Among the patients who were diagnosed with exudative AMD and treated with anti-vascular endothelial growth factor (VEGF), patients exhibited 0.5 or better initial visual acuity and 0.1 or worse final visual acuity were included in the retrospective observational study. Patients experienced development of submacular haemorrhage during the follow-up period were included in submacular haemorrhage group. Patients experienced 6 months of longer loss of follow-up and revisited were included in the loss of follow-up group.
Forty-three eyes of 43 patients were included. The mean follow-up period was 43.5±9.4 months. In the submacular haemorrhage group (n = 24), abrupt decrease in visual acuity was noted when the haemorrhage was developed (mean LogMAR (logarithm of minimal angle of resolution) visual acuity: before haemorrhage=0.23±0.09, when the haemorrhage was developed=1.48±0.72, p<0.001).

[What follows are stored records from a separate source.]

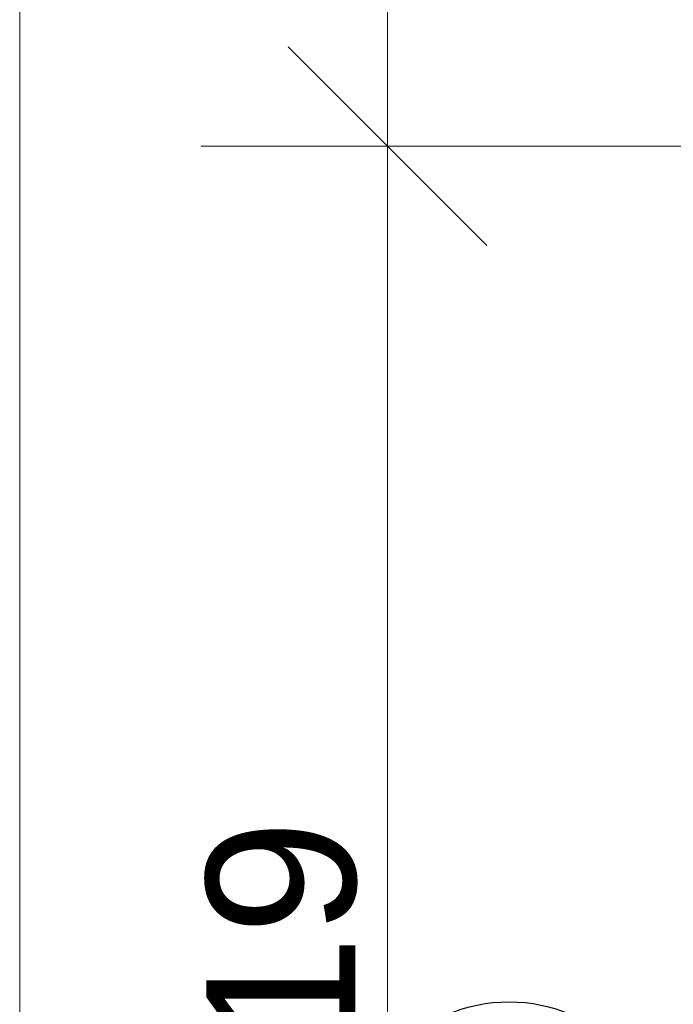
# Model space of a CAD drawing. Header units: millimetres. Extents: x -23738 to 4435, y -2716 to 20653.
# Tile 91 of 160: x -11961 to -11304, y 10495 to 11485. Entities that reach past the tile are written whole.
import ezdxf

# ---------------------------------------------------------------- set-up
doc = ezdxf.new("R2010")
doc.units = ezdxf.units.MM
doc.header["$MEASUREMENT"] = 0
doc.layers.add('9._POHLED ZÁPADNÍ_2_Kóty - SP', color=7, linetype='Continuous')
doc.layers.add('9._POHLED ZÁPADNÍ_2_Nové_Popis', color=7, linetype='Continuous')
doc.styles.add('GENEROVANÝ_STYL_2', font='arial.ttf')

msp = doc.modelspace()

# ---------------------------------------------------------------- linework, layer by layer
at = {"layer": '9._POHLED ZÁPADNÍ_2_Kóty - SP', "color": 154, "linetype": 'Continuous', "lineweight": 13}
for p, q in [((-11960.89, 9038.96), (-11960.89, 18817.58)), ((-11591.1, 11357.99), (-11591.1, 14338.68)), ((-11691.1, 11457.99), (-11491.1, 11257.99)), ((-11291.1, 11357.99), (-11778.6, 11357.99)), ((-11591.1, 9038.96), (-11591.1, 11357.99))]:
    msp.add_line(p, q, dxfattribs=at)
at = {"layer": '9._POHLED ZÁPADNÍ_2_Nové_Popis', "color": 1, "linetype": 'Continuous', "lineweight": 25}
msp.add_circle((-11468.85, 10338.72), 158.58, dxfattribs=at)

# ---------------------------------------------------------------- texts
at = {"layer": '9._POHLED ZÁPADNÍ_2_Kóty - SP', "color": 154, "linetype": 'Continuous', "lineweight": 13, "insert": (-11621.1, 10156.43), "char_height": 150, "width": 512.9145, "attachment_point": 7, "rotation": 90, "style": 'GENEROVANÝ_STYL_2'}
msp.add_mtext('\\A1;{\\pql;\\fArial|b0|i0|c0|p38;2\xa0319}', dxfattribs=at)

doc.saveas('drawing.dxf')
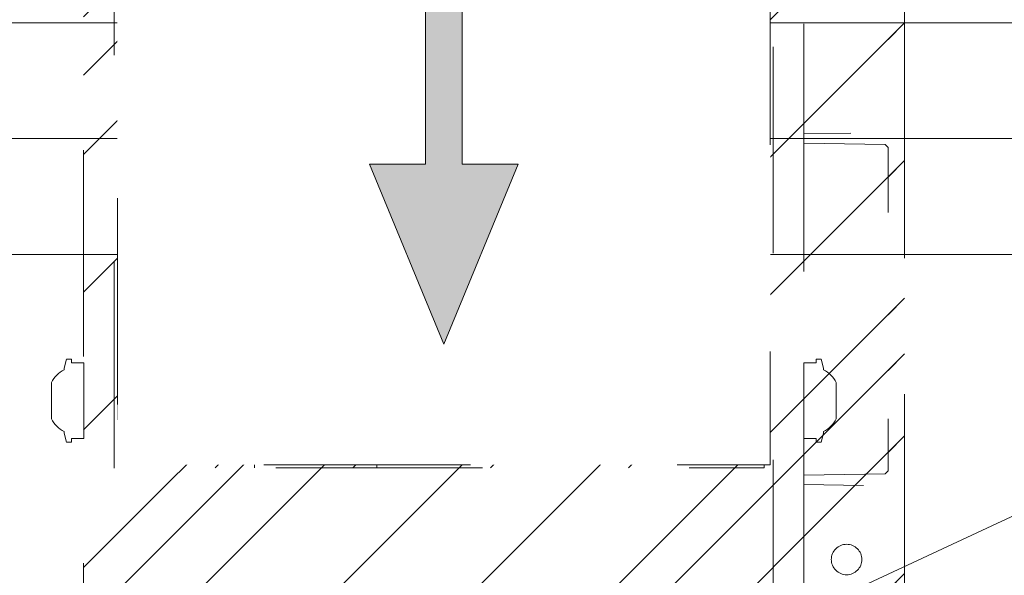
# Model space of a CAD drawing. Header units: inches. Extents: x -416 to -272, y -73 to 47.
# Tile 40 of 206: x -355.53 to -349.18, y -28.32 to -24.73. Entities that reach past the tile are written whole.
import ezdxf

# ---------------------------------------------------------------- set-up
doc = ezdxf.new("R2010")
doc.units = ezdxf.units.IN
doc.header["$LTSCALE"] = 32
doc.header["$MEASUREMENT"] = 0
doc.header["$PDMODE"] = 1
doc.header["$PDSIZE"] = -2
doc.linetypes.add('Dash Style-1', pattern=[0.083328, 0.041656, -0.041672])
for name, color, linetype, lineweight in [('Black', 7, 'Continuous', 18), ('DashLine', 7, 'Continuous', 13), ('DashLineFill', 7, 'Dash Style-1', 13), ('Drawing', 7, 'Continuous', 18), ('Leg_Locator', 7, 'Continuous', 13), ('Metal-DeskStructure', 7, 'Continuous', 13), ('None', 7, 'Continuous', 18), ('SolidLine', 7, 'Continuous', 15)]:
    doc.layers.add(name, color=color, linetype=linetype, lineweight=lineweight)
doc.layers.add('Metal-Leg', color=7, linetype='Continuous', lineweight=18, true_color=0x4c4c4c)
pattern_1 = [(45, (0, 0), (-1.613, 1.9357), []), (45, (-1.0608, 1.0608), (-0.472346, 0.41676), [])]

# ---------------------------------------------------------------- blocks, each defined once
blk = doc.blocks.new('Group-3')
at = {"layer": 'SolidLine', "flags": 128}
for points in [[(0, 0), (0.748, 0), (0.748, -17.9921), (0, -17.9921)], [(0, 0), (47.9921, 0), (47.9921, -17.9921), (0, -17.9921)]]:
    blk.add_lwpolyline(points, close=True, dxfattribs=at)
blk = doc.blocks.new('Group-4')
at = {"layer": 'None'}
blk.add_blockref('Group-3', (0, 0), dxfattribs=at)
blk = doc.blocks.new('SL Leg Credenza (2D)')
at = {"layer": 'None'}
blk.add_blockref('Group-4', (0, 0), dxfattribs=at)
at = {"layer": 'Drawing', "color": 0, "flags": 1}
for tag in ['Tag', 'Catalog', 'Option1', 'Option2', 'Option3', 'Option4', 'Option5', 'Option6', 'Option7', 'Option8', 'Option9', 'Option10', 'Option11', 'Option12', 'Custom', 'FinishGroup', 'Discount', 'Item2', 'Item3', 'Item6', 'Item9', 'Item10', 'Item12', 'Item13', 'Item16', 'Item19', 'Item20', 'Item21', 'Item22', 'Item23', 'Item24', 'Item25', 'Item8', 'Item18', 'Item1', 'Item4', 'Item5', 'Item7', 'Item11', 'Item14', 'Item15', 'Item17']:
    blk.add_attdef(tag, (-5.3911, -58.5147), '', height=0.00709, dxfattribs=at)
blk = doc.blocks.new('Group-84')
at = {"layer": 'DashLine'}
blk.add_line((71.8898, -12.0079), (55.7172, -19.5493), dxfattribs=at)
at = {"layer": 'SolidLine', "flags": 128}
blk.add_lwpolyline([(54.0453, -11.2598), (71.8898, -11.2598), (71.8898, -12.0079), (54.0453, -12.0079)], close=True, dxfattribs=at)
blk = doc.blocks.new('Group-50')
at = {"layer": 'DashLineFill', "linetype": 'Continuous', "lineweight": 13}
h = blk.add_hatch(dxfattribs=at)
h.set_pattern_fill('Steel', color=253, style=0, pattern_type=2)
h.set_pattern_definition(pattern_1)
h.paths.add_polyline_path([(-2.0669, 1.3976), (2.0669, 1.3976), (2.0669, 0.1378), (2.1063, 0.1378), (2.1063, -0.1378), (2.0669, -0.1378), (2.0669, -5.2756), (2.1063, -5.2756), (2.1063, -5.5512), (2.0669, -5.5512), (2.0669, -5.8268), (-2.0669, -5.8268), (-2.0669, -5.5512), (-2.1063, -5.5512), (-2.1063, -5.2756), (-2.0669, -5.2756), (-2.0669, -0.1378), (-2.1063, -0.1378), (-2.1063, 0.1378), (-2.0669, 0.1378)])
at = {"layer": 'DashLineFill', "flags": 128}
blk.add_lwpolyline([(-2.0669, 1.3976), (2.0669, 1.3976), (2.0669, 0.1378), (2.1063, 0.1378), (2.1063, -0.1378), (2.0669, -0.1378), (2.0669, -5.2756), (2.1063, -5.2756), (2.1063, -5.5512), (2.0669, -5.5512), (2.0669, -5.8268), (-2.0669, -5.8268), (-2.0669, -5.5512), (-2.1063, -5.5512), (-2.1063, -5.2756), (-2.0669, -5.2756), (-2.0669, -0.1378), (-2.1063, -0.1378), (-2.1063, 0.1378), (-2.0669, 0.1378)], close=True, dxfattribs=at)
at = {"layer": 'SolidLine', "flags": 128}
blk.add_lwpolyline([(-1.2205, -5.8268), (-1.2205, -5.1826), (-0.4331, -5.1826), (-0.4331, -5.8268)], dxfattribs=at)
at = {"layer": 'SolidLine', "linetype": 'Continuous', "lineweight": 5}
blk.add_point((0, 0), dxfattribs=at)
blk = doc.blocks.new('TL14_upper_leg (2D)')
at = {"layer": 'DashLine', "flags": 128}
blk.add_lwpolyline([(0, 1.2205), (0.1196, 1.2146), (0.2381, 1.197), (0.3543, 1.1679), (0.4671, 1.1276), (0.5753, 1.0764), (0.6781, 1.0148), (0.7743, 0.9434), (0.863, 0.863), (0.9434, 0.7743), (1.0148, 0.6781), (1.0764, 0.5753), (1.1276, 0.4671), (1.1679, 0.3543), (1.197, 0.2381), (1.2146, 0.1196), (1.2205, 0), (1.2146, -0.1196), (1.197, -0.2381), (1.1679, -0.3543), (1.1276, -0.4671), (1.0764, -0.5753), (1.0148, -0.6781), (0.9434, -0.7743), (0.863, -0.863), (0.7743, -0.9434), (0.6781, -1.0148), (0.5753, -1.0764), (0.4671, -1.1276), (0.3543, -1.1679), (0.2381, -1.197), (0.1196, -1.2146), (0, -1.2205), (-0.1196, -1.2146), (-0.2381, -1.197), (-0.3543, -1.1679), (-0.4671, -1.1276), (-0.5753, -1.0764), (-0.6781, -1.0148), (-0.7743, -0.9434), (-0.863, -0.863), (-0.9434, -0.7743), (-1.0148, -0.6781), (-1.0764, -0.5753), (-1.1276, -0.4671), (-1.1679, -0.3543), (-1.197, -0.2381), (-1.2146, -0.1196), (-1.2205, 0), (-1.2146, 0.1196), (-1.197, 0.2381), (-1.1679, 0.3543), (-1.1276, 0.4671), (-1.0764, 0.5753), (-1.0148, 0.6781), (-0.9434, 0.7743), (-0.863, 0.863), (-0.7743, 0.9434), (-0.6781, 1.0148), (-0.5753, 1.0764), (-0.4671, 1.1276), (-0.3543, 1.1679), (-0.2381, 1.197), (-0.1196, 1.2146)], close=True, dxfattribs=at)
at = {"layer": 'Metal-Leg', "linetype": 'Continuous', "lineweight": 5}
blk.add_point((0, 0), dxfattribs=at)
blk.add_point((0, 0), dxfattribs=at)
at = {"layer": 'SolidLine', "flags": 128}
for points in [[(-2.3228, 0.2437), (-2.4016, 0.2437), (-2.4016, 0.2677), (-2.4341, 0.2677), (-2.4493, 0.2108), (-2.4493, 0.1992, 0.157975), (-2.5315, 0.1181), (-2.5315, -0.1181, 0.156027), (-2.4493, -0.1991), (-2.4493, -0.2108), (-2.4341, -0.2677), (-2.4016, -0.2677), (-2.4016, -0.2437), (-2.3228, -0.2437)], [(2.3228, 0.2437), (2.4016, 0.2437), (2.4016, 0.2677), (2.4341, 0.2677), (2.4493, 0.2108), (2.4493, 0.1992, -0.157975), (2.5315, 0.1181), (2.5315, -0.1181, -0.156027), (2.4493, -0.1991), (2.4493, -0.2108), (2.4341, -0.2677), (2.4016, -0.2677), (2.4016, -0.2437), (2.3228, -0.2437)], [(-2.3228, -5.15), (-2.4016, -5.15), (-2.4016, -5.126), (-2.4341, -5.126), (-2.4493, -5.1829), (-2.4493, -5.1945, 0.157975), (-2.5315, -5.2756), (-2.5315, -5.5118, 0.156027), (-2.4493, -5.5928), (-2.4493, -5.6045), (-2.4341, -5.6614), (-2.4016, -5.6614), (-2.4016, -5.6374), (-2.3228, -5.6374)], [(2.3228, -5.15), (2.4016, -5.15), (2.4016, -5.126), (2.4341, -5.126), (2.4493, -5.1829), (2.4493, -5.1945, -0.157975), (2.5315, -5.2756), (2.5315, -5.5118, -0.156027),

In the loss of follow-up group (n = 6), abrupt decrease in visual acuity was noted when the patients revisited (mean LogMAR visual acuity: before loss of follow-up=0.23±0.10, when the patients revisited=1.63±0.38, p<0.001). In these two groups, the visual acuity failed to completely recover despite additional treatment. The visual acuity was decreased without notable event in the remaining 13 eyes.
The development of submacular haemorrhage and loss of follow-up was found to be factors associated with poor visual prognosis in patients with relatively good initial visual acuity.